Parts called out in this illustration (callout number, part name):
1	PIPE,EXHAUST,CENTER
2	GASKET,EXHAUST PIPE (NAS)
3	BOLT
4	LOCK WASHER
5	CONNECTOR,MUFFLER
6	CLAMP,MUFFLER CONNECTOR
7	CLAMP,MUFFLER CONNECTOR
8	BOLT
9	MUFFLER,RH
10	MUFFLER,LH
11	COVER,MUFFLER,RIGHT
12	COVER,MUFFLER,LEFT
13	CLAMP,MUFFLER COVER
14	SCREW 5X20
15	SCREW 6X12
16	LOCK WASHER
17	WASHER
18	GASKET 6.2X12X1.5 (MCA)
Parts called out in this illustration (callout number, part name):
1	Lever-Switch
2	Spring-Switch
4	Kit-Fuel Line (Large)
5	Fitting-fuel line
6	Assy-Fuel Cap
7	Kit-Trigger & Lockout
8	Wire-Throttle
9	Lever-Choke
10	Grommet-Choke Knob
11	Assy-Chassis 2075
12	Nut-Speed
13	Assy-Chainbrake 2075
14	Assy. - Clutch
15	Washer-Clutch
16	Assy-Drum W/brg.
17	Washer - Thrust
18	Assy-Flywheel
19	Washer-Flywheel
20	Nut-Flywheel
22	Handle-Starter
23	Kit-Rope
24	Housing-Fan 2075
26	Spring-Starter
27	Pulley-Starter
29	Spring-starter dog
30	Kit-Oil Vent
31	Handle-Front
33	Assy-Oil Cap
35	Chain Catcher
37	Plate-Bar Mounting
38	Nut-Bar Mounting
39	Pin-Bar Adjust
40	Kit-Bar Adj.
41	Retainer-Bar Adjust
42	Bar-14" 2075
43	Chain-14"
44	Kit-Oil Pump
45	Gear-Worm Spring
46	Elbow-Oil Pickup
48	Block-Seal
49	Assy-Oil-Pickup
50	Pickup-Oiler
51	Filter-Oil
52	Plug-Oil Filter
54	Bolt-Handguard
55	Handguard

(Problem details): The data must be given again in full. Keep every line identical.

(Exercise response):
Parts called out in this illustration (callout number, part name):
1	PIPE,EXHAUST,CENTER
2	GASKET,EXHAUST PIPE (NAS)
3	BOLT
4	LOCK WASHER
5	CONNECTOR,MUFFLER
6	CLAMP,MUFFLER CONNECTOR
7	CLAMP,MUFFLER CONNECTOR
8	BOLT
9	MUFFLER,RH
10	MUFFLER,LH
11	COVER,MUFFLER,RIGHT
12	COVER,MUFFLER,LEFT
13	CLAMP,MUFFLER COVER
14	SCREW 5X20
15	SCREW 6X12
16	LOCK WASHER
17	WASHER
18	GASKET 6.2X12X1.5 (MCA)
Parts called out in this illustration (callout number, part name):
1	Lever-Switch
2	Spring-Switch
4	Kit-Fuel Line (Large)
5	Fitting-fuel line
6	Assy-Fuel Cap
7	Kit-Trigger & Lockout
8	Wire-Throttle
9	Lever-Choke
10	Grommet-Choke Knob
11	Assy-Chassis 2075
12	Nut-Speed
13	Assy-Chainbrake 2075
14	Assy. - Clutch
15	Washer-Clutch
16	Assy-Drum W/brg.
17	Washer - Thrust
18	Assy-Flywheel
19	Washer-Flywheel
20	Nut-Flywheel
22	Handle-Starter
23	Kit-Rope
24	Housing-Fan 2075
26	Spring-Starter
27	Pulley-Starter
29	Spring-starter dog
30	Kit-Oil Vent
31	Handle-Front
33	Assy-Oil Cap
35	Chain Catcher
37	Plate-Bar Mounting
38	Nut-Bar Mounting
39	Pin-Bar Adjust
40	Kit-Bar Adj.
41	Retainer-Bar Adjust
42	Bar-14" 2075
43	Chain-14"
44	Kit-Oil Pump
45	Gear-Worm Spring
46	Elbow-Oil Pickup
48	Block-Seal
49	Assy-Oil-Pickup
50	Pickup-Oiler
51	Filter-Oil
52	Plug-Oil Filter
54	Bolt-Handguard
55	Handguard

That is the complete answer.